I strongly caution you against doing it yourself, but if you're determined, here are some things you'll need to deal with at high level.

1) Image standardization: All user-submitted images should be the same resolution and the same size on at least one axis.

2) Pre-processing. Rotation, skew, and binarization, mainly. You could do this yourself or let an OCR API handle it for you (many do, both local and cloud).

Then there's basically two paths in a rudimentary solution. You could do full-page OCR, store the coordinates of extracted n-grams, and then inspect the area where you think or know the text you want to extract will be. Or, you could crop the image to a rectangle where you think or know the text will be, OCR the rectangle, and see if the text is there. The latter is computationally cheaper but the rectangle isn't guaranteed to contain the text of interest-- assuming it's there at all-- and you won't easily be able to define things in relation to each other.
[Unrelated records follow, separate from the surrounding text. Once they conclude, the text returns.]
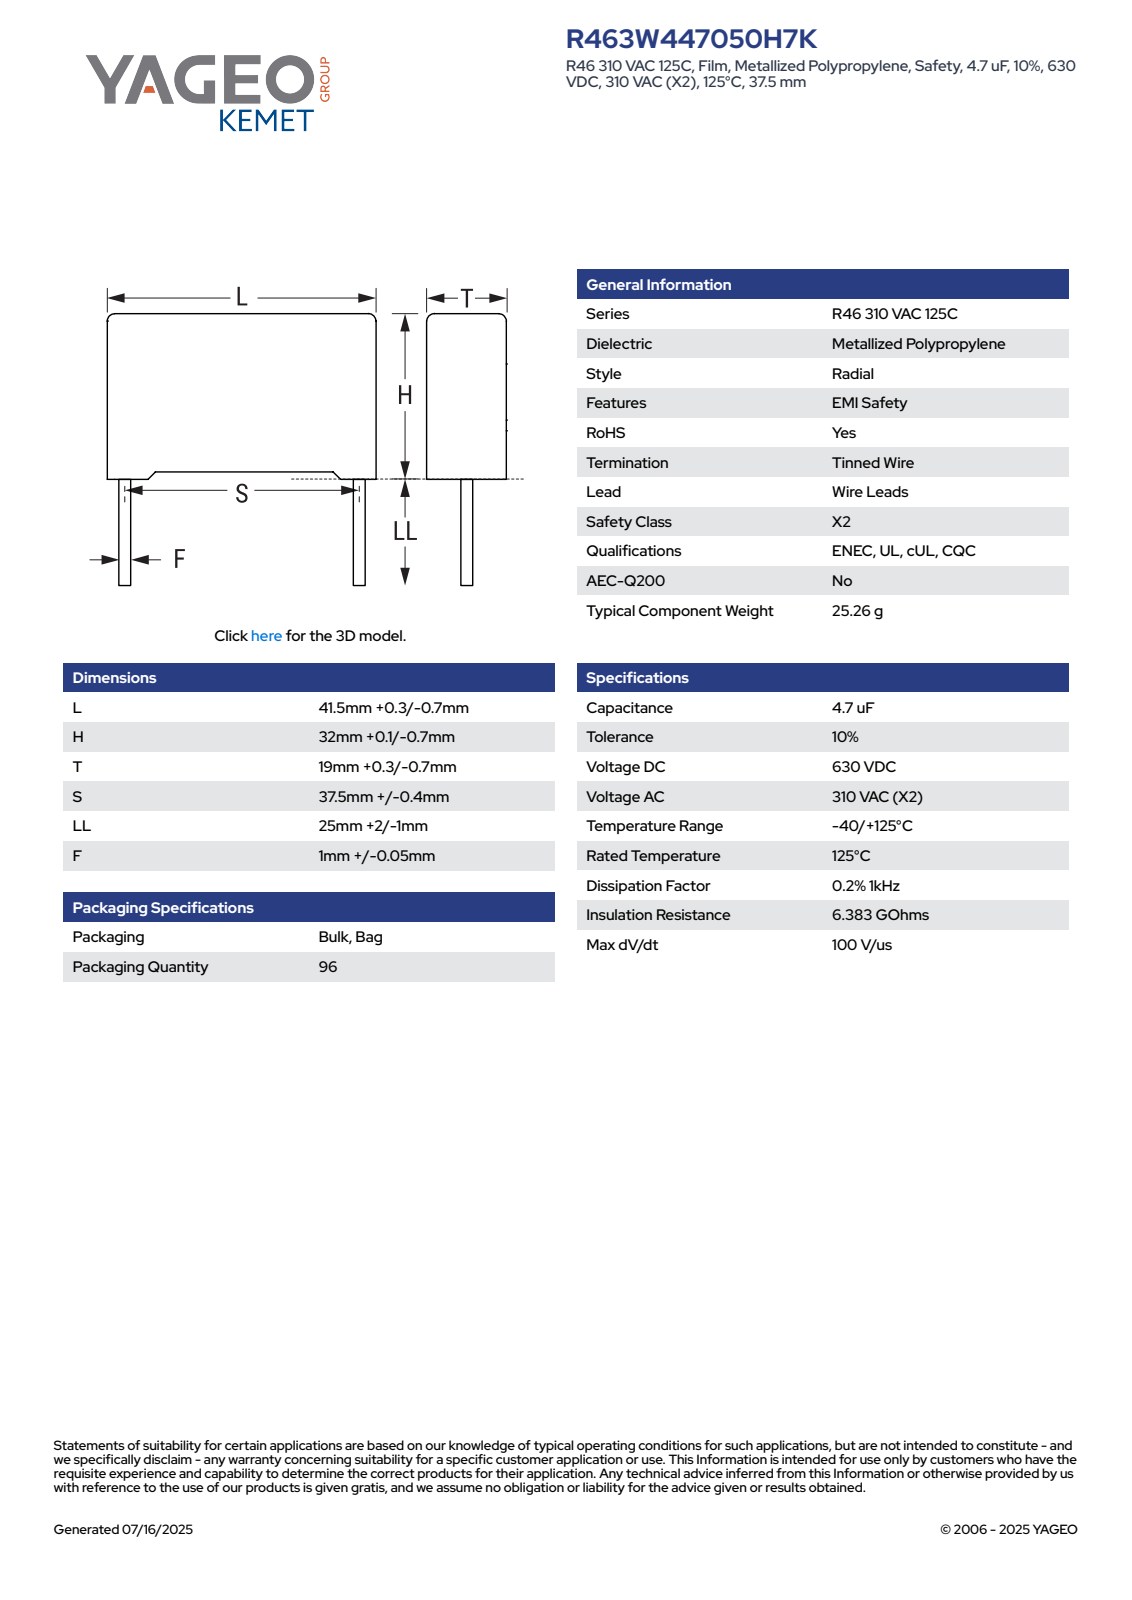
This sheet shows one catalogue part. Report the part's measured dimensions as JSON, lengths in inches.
{"part_name": "CFR_RB2_41.5X32X19_L41.8H32.1T19.3S37.5LL27F1.05", "step_written_by": "SolidWorks 2021 (AUTOMOTIVE_DESIGN)", "units": "inches", "bodies": {"solids": 4, "faces": 85, "planar": 77, "cylindrical": 8, "other": 0}, "overall_size": [2.327, 1.646, 0.76], "volume_in3": 1.535, "surface_area_in2": 8.975, "round_bosses_or_shafts": [[0.041, 2]], "partial_cylinders_radius": [[0.02, 4]], "face_to_face_distances": [0.76, 1.22, 1.646, 0.014, 1.234, 0.03, 0.044, 1.264, 0.055, 0.76]}
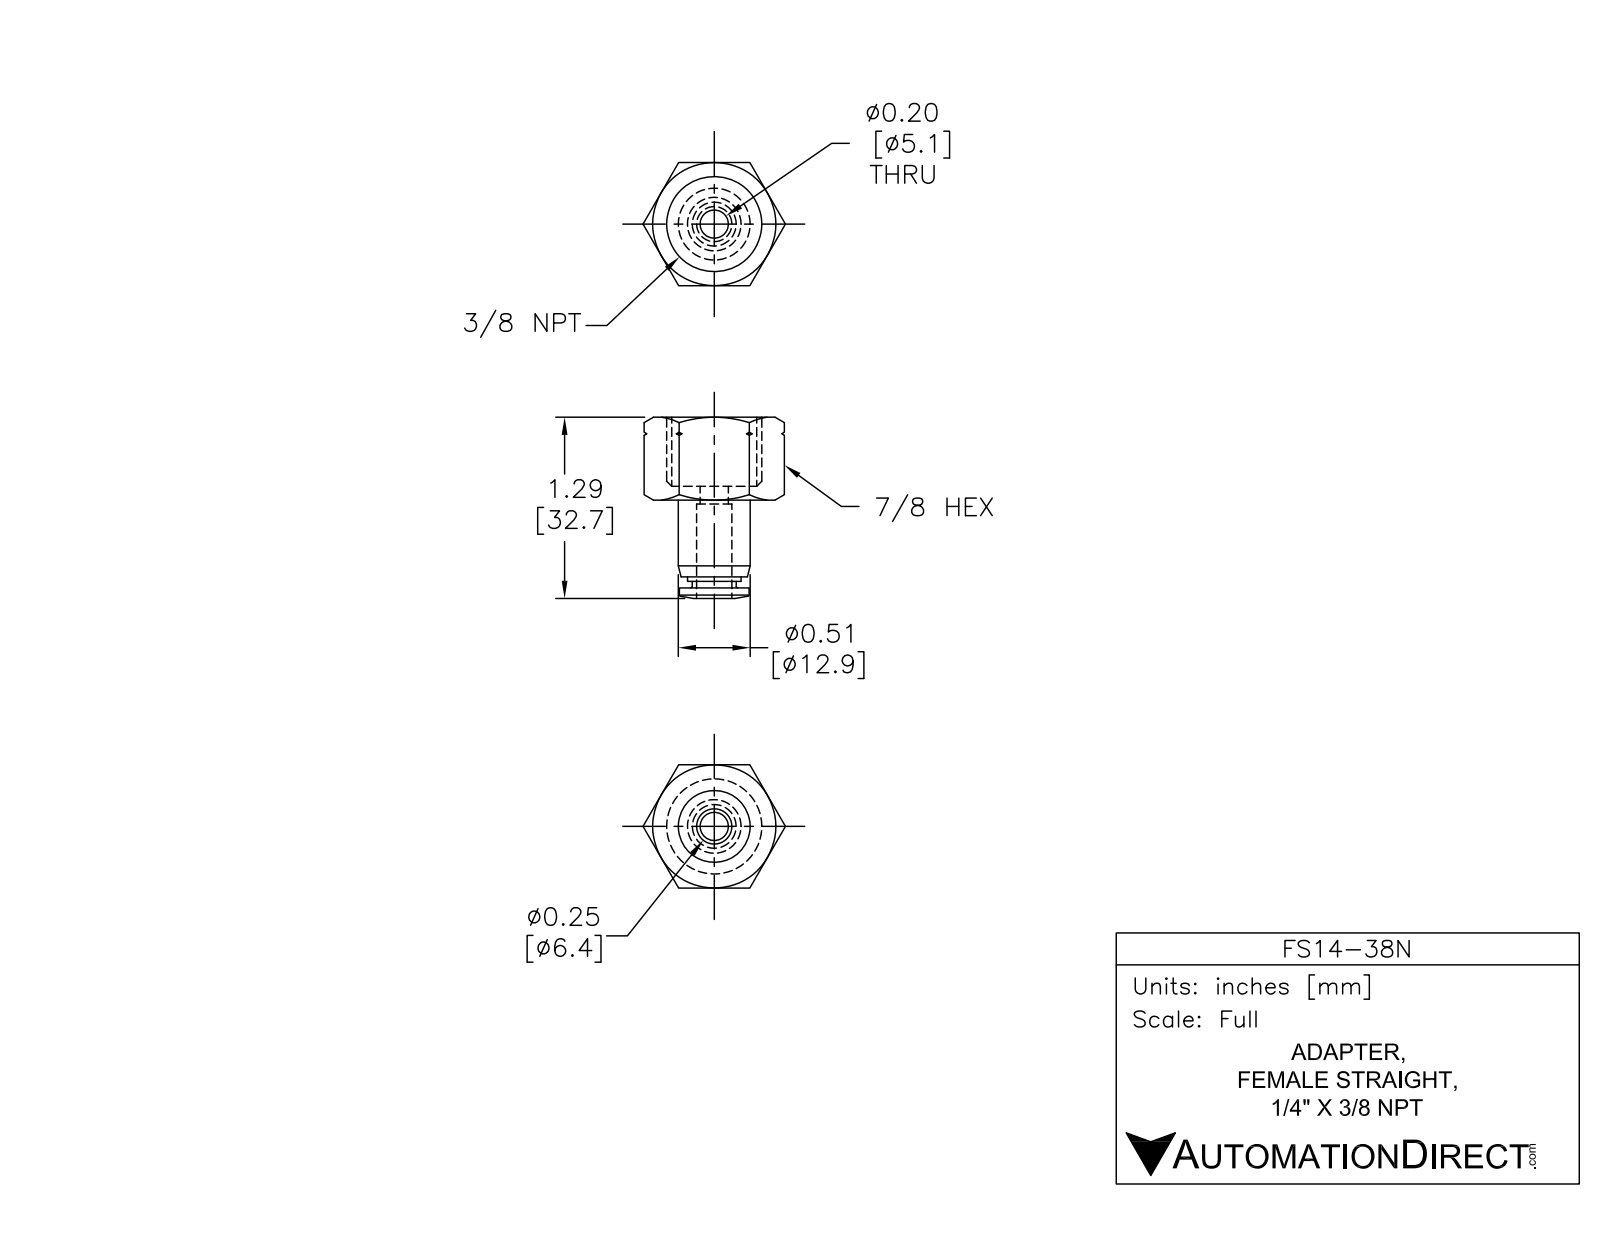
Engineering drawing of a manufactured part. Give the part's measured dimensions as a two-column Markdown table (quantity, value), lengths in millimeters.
| quantity | value |
| --- | --- |
| part name | FS14-38N |
| STEP written by | SolidWorks 2015 (AUTOMOTIVE_DESIGN) |
| units | millimeters |
| bodies | 1 solid, 63 faces (13 planar, 12 cylindrical, 38 other) |
| overall size | 32.8 × 25.4 × 22 |
| volume | 5 030 mm³ |
| surface area | 3 745 mm² |
| round holes (diameter × count) | 5 × 1, 6.6 × 1 |
| round bosses / shafts (diameter × count) | 13 × 1, 12.6 × 1, 9.7 × 1, 8 × 1 |
| main face-to-face distances | 22, 2.5, 15, 12.5, 15.9, 30.9, 18.4, 28.9, 16.4, 13.9 |

The top commercial products are a lot more complicated than this, though. A "template" for extracting Box 1 from a W-2 would do something like this:

- Crop the document to just the top third and OCR it

- Match the string "1 Wages, tips, or other compensation" which itself is something like "Try to find that exact string. No? Look for a 1 or something that resembles a 1. Is there an n-gram to the right of it beginning with the word Wages? No? OK how about wages in lower case. No? OK restrict the pattern match to just 1 line. Does that work? OK good. Does something like the word 'tips' appear in the n-gram? Ok that's probably it."

- Underneath that line, offset x to the right, look for a string of digits matching this regex.

The string matching is done probabilistically in branches based on the specified rules (like "there's this n-gram over here that seems like what you're looking for but you said it should be in this other location, so we'll mark that as a possibility but it's probably not what you're looking for") and with the assistance of a really powerful dictionary.

If you don't want to totally roll your own and you happen to write Java, check out OpenKM, which I believe has some of the necessary abstractions built in for zonal OCR.